The table summarizes the key metrics. I mostly focus on PE and PTBV. And for each company, one or the other shows the company is cheap. The last row gives the average daily volume divided by the total shares. The fraction is showed in basis points units. So PFHO daily volume, which is 6.89 basis points, is actually 0.0689% of total volume. I have found most companies with healthy volumes should trade at about 20 to 30 basis points (0.2% to 0.3%). The table shows that all the six companies trade at extremely low volumes. None are at 20 or 30 basis points. This may explain why the stocks trade so cheap, they have extremely small interest.

European Reliance Insurance (ATH:EUPIC) continued its growth streak by increasing pre-tax profits by 6.6%. Even better is equity growth at 13.3%. The stock is still super cheap. I presume the reason is the ongoing crisis situation in Greece.

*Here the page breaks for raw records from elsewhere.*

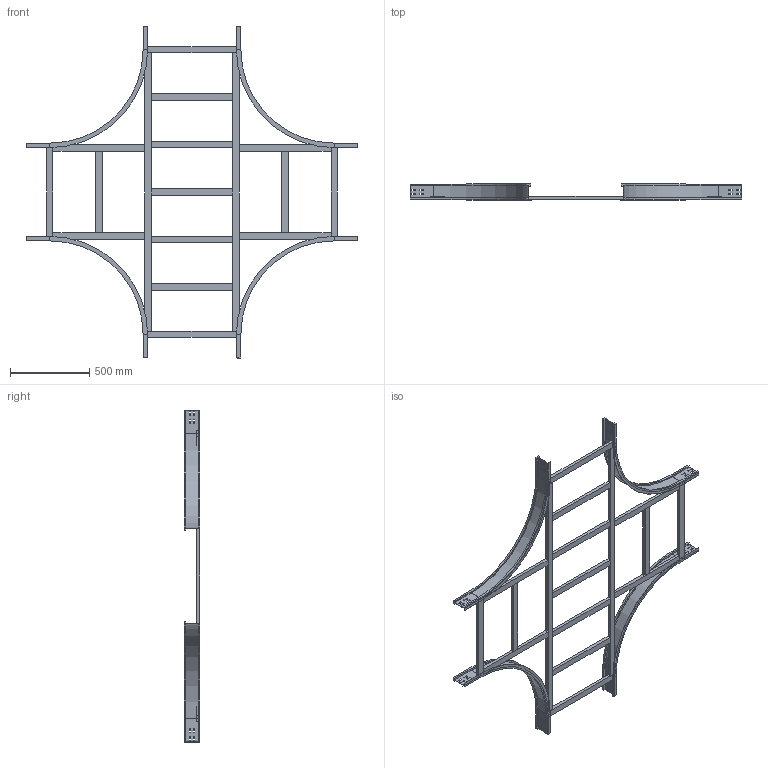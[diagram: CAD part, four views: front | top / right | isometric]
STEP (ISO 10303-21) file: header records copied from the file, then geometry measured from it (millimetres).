
FILE_DESCRIPTION (( 'STEP AP214' ), '1' );
FILE_NAME ('17S6D600.step', '2025-02-21T16:16:40', ( '' ), ( '' ), 'SwSTEP 2.0', 'SolidWorks 2023', '' );
FILE_SCHEMA (( 'AUTOMOTIVE_DESIGN' ));
Length unit declared in the file: millimetre
Products named in the file (7): TRAVERSINO_COPPIA_600; TRAVERSINO_600; TRAVERSINO_LONG._R600+600; 17S6D600; TRAVERSINO_VERT_R600; TRAVERSINO_INTERMEDIO_X_R600+600; LONGH.INTERNO 90°_H100_R600
Assembly tree (21 placements, depth 2):
  17S6D600
    LONGH.INTERNO 90°_H100_R600  x4
    TRAVERSINO_600  x4
    TRAVERSINO_LONG._R600+600  x2
    TRAVERSINO_INTERMEDIO_X_R600+600  x5
    TRAVERSINO_VERT_R600  x4
    TRAVERSINO_COPPIA_600  x2
Bounding box: 2100 x 100 x 2100 mm (x, y, z)
Volume: 12220711.9 mm3; surface area: 2932749 mm2
Topology: 21 solids, 21 shells, 382 faces, 924 edges, 584 vertices
Faces by surface type: plane 358, cylinder 24
Entity records: 3196 total; most frequent: CARTESIAN_POINT 516, DIRECTION 500, ORIENTED_EDGE 480, EDGE_CURVE 240, LINE 228, VECTOR 228, VERTEX_POINT 152, AXIS2_PLACEMENT_3D 136

Warren Buffett used to say he could find stocks that trade at 2 or 3 or 4 times earnings. They exist now and you just have to look. Well, I found one here trading at less than 4x earnings! On top of that it is trading at half of book. Now if only the market can cooperate.

Pacific Health Care Organization (PFHO) had a rough third and fourth quarter. The stock went from the high twenties to as low as $6.50 after announcing that they will lose their biggest customer Amtrust in Q4. But after their official annual report, the stock managed to recover to $10.15. Q4 results show that subtracting Amtrust's waning revenues in the quarter, the company still did $1.2M in business. So at that conservative trend, the company can do $4.8M for 2016. At their current profit margin of 20%, that is still more than $1 a share. The company said in the report that they employed 36 people in mid-March. That is still more employees than they've ever had except for their record year in 2014. And the company is continuing its IT expansion. I am cautiously bullish on PFHO.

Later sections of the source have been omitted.